Entries shown:
####################
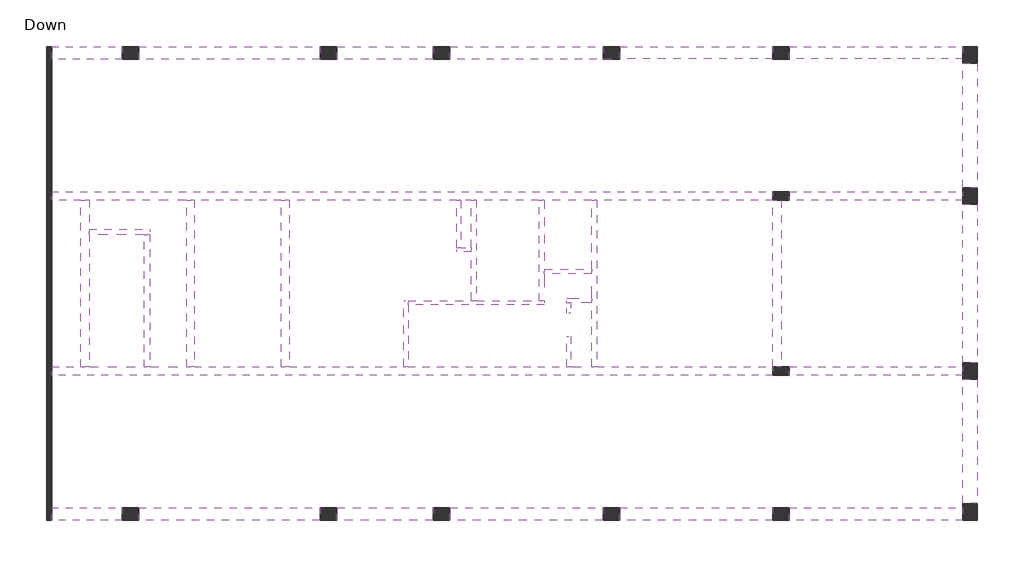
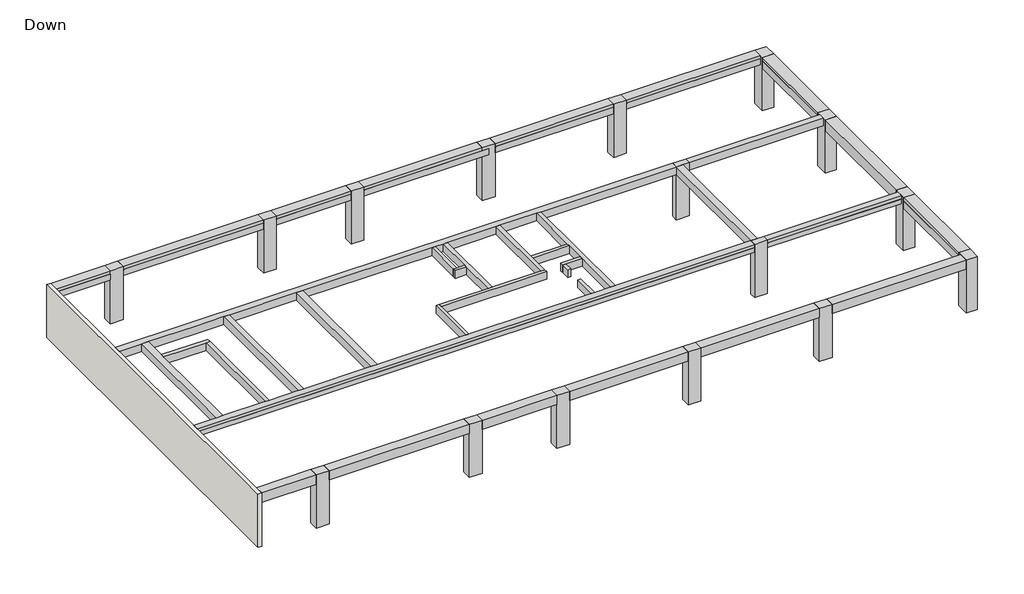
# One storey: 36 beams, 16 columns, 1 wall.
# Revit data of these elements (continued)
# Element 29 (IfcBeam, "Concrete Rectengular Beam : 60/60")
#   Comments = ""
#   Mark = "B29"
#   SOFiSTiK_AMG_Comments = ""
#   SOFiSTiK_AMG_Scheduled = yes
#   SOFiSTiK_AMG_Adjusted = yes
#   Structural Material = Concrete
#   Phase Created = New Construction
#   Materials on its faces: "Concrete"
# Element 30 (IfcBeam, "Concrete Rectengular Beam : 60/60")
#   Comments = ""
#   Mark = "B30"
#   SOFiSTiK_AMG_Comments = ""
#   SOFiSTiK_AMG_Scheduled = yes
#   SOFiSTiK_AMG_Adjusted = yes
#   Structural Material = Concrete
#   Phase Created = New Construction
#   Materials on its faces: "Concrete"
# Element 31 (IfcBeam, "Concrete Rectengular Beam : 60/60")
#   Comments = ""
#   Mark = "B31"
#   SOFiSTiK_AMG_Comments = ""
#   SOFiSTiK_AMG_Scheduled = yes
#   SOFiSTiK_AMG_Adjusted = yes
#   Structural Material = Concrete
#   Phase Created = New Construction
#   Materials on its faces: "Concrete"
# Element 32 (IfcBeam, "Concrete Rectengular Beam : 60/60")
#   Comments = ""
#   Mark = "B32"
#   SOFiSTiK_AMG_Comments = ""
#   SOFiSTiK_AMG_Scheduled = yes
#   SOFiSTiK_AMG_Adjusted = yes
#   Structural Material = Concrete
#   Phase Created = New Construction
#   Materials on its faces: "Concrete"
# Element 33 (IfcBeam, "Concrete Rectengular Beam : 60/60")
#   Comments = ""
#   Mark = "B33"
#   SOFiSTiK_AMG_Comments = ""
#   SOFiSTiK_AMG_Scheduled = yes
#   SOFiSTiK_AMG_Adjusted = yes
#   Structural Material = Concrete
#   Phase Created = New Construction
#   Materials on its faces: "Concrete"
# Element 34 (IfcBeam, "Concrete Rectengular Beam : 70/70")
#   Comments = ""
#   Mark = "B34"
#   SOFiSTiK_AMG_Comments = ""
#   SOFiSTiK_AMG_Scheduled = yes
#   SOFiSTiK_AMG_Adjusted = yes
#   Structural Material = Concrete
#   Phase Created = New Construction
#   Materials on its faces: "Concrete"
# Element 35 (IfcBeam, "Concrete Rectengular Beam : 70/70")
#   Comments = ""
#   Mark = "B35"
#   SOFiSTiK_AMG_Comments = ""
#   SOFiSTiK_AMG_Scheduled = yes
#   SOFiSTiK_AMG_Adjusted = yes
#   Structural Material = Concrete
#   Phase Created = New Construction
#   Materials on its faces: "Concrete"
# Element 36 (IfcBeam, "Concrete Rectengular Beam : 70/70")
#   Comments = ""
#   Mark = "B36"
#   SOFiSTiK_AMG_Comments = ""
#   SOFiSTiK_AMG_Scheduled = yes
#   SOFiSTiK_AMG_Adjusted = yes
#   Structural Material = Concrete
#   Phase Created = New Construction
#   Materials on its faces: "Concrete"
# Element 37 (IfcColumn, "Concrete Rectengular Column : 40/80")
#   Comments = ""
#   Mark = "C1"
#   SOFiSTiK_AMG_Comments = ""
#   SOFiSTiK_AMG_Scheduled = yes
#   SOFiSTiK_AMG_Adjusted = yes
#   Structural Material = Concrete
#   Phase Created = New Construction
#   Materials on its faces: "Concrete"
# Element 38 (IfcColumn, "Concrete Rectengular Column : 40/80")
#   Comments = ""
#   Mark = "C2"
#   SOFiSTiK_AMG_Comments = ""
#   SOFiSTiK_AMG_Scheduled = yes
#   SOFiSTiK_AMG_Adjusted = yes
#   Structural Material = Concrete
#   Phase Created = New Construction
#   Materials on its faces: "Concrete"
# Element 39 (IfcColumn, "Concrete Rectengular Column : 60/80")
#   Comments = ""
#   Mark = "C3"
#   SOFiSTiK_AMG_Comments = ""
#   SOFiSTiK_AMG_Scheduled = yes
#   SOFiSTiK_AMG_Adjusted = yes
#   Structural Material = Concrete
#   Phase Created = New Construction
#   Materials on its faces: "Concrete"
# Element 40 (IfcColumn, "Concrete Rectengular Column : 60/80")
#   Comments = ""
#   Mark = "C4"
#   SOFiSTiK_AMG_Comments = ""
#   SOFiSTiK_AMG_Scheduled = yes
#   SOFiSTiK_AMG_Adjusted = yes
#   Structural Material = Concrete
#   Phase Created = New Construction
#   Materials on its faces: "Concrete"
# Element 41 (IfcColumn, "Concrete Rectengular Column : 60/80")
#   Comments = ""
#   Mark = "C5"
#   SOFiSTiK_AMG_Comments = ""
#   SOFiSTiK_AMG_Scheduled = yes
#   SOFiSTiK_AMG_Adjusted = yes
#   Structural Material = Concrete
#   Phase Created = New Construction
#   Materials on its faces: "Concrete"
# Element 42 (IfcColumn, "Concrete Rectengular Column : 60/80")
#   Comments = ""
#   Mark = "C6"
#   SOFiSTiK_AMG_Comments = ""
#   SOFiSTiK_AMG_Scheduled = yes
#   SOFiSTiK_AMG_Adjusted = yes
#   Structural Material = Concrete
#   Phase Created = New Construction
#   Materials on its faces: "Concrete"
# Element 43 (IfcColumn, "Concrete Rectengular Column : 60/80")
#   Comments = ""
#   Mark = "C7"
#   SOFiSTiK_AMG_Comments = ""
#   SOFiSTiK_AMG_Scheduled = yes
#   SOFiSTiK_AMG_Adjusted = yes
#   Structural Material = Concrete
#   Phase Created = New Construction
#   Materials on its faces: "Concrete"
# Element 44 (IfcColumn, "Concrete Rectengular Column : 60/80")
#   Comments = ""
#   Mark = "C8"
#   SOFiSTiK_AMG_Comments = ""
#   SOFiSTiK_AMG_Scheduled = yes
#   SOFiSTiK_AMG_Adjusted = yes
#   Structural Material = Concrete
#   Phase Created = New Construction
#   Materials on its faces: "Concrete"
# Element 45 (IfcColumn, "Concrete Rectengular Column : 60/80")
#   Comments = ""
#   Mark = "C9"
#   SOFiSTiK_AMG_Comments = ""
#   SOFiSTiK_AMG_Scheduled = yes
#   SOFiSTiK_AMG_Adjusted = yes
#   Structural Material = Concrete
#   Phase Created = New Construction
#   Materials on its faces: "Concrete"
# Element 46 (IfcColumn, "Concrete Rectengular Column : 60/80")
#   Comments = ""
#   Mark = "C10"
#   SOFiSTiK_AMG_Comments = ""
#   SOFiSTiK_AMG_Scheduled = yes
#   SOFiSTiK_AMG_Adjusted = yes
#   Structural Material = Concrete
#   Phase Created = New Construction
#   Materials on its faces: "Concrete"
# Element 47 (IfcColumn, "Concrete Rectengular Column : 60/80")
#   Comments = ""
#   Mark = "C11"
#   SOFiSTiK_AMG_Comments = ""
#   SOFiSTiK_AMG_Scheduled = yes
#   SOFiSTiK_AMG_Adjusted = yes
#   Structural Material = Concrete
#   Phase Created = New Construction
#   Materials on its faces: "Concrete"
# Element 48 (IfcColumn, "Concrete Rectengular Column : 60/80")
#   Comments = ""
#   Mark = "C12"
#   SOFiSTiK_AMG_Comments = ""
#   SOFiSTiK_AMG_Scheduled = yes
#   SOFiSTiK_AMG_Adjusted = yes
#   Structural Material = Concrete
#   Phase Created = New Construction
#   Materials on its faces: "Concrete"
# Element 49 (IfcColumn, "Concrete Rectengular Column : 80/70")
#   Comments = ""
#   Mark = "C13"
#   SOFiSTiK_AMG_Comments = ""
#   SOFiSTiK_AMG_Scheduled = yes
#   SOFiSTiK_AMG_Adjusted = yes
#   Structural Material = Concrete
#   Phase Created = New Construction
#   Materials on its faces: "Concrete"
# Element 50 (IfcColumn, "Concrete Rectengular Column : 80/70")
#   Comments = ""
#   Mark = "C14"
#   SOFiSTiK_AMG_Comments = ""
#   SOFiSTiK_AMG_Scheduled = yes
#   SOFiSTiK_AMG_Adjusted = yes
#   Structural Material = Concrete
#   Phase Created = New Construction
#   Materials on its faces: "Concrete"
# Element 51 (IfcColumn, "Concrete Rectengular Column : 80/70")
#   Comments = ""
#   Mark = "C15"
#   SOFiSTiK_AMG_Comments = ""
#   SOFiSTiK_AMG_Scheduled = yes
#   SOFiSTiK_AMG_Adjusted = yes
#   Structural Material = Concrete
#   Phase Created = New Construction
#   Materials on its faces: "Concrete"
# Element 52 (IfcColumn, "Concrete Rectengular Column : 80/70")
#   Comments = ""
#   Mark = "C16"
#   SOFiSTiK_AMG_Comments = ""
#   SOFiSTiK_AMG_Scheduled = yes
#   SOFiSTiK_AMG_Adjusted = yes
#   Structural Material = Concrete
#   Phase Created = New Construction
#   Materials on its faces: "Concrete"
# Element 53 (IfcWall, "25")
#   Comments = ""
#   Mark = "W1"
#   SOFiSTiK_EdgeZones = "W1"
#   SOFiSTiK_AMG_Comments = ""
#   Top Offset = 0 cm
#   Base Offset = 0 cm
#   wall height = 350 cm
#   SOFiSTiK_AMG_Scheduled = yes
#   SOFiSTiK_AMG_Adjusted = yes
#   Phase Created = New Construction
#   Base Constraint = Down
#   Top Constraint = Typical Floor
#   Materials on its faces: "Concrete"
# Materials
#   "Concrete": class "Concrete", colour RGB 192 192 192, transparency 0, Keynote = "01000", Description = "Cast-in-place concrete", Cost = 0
####################
Your assignment: Filter the records above and copy every line that contains the word "Constraint".

Expected answer:
#   Base Constraint = Down
#   Top Constraint = Typical Floor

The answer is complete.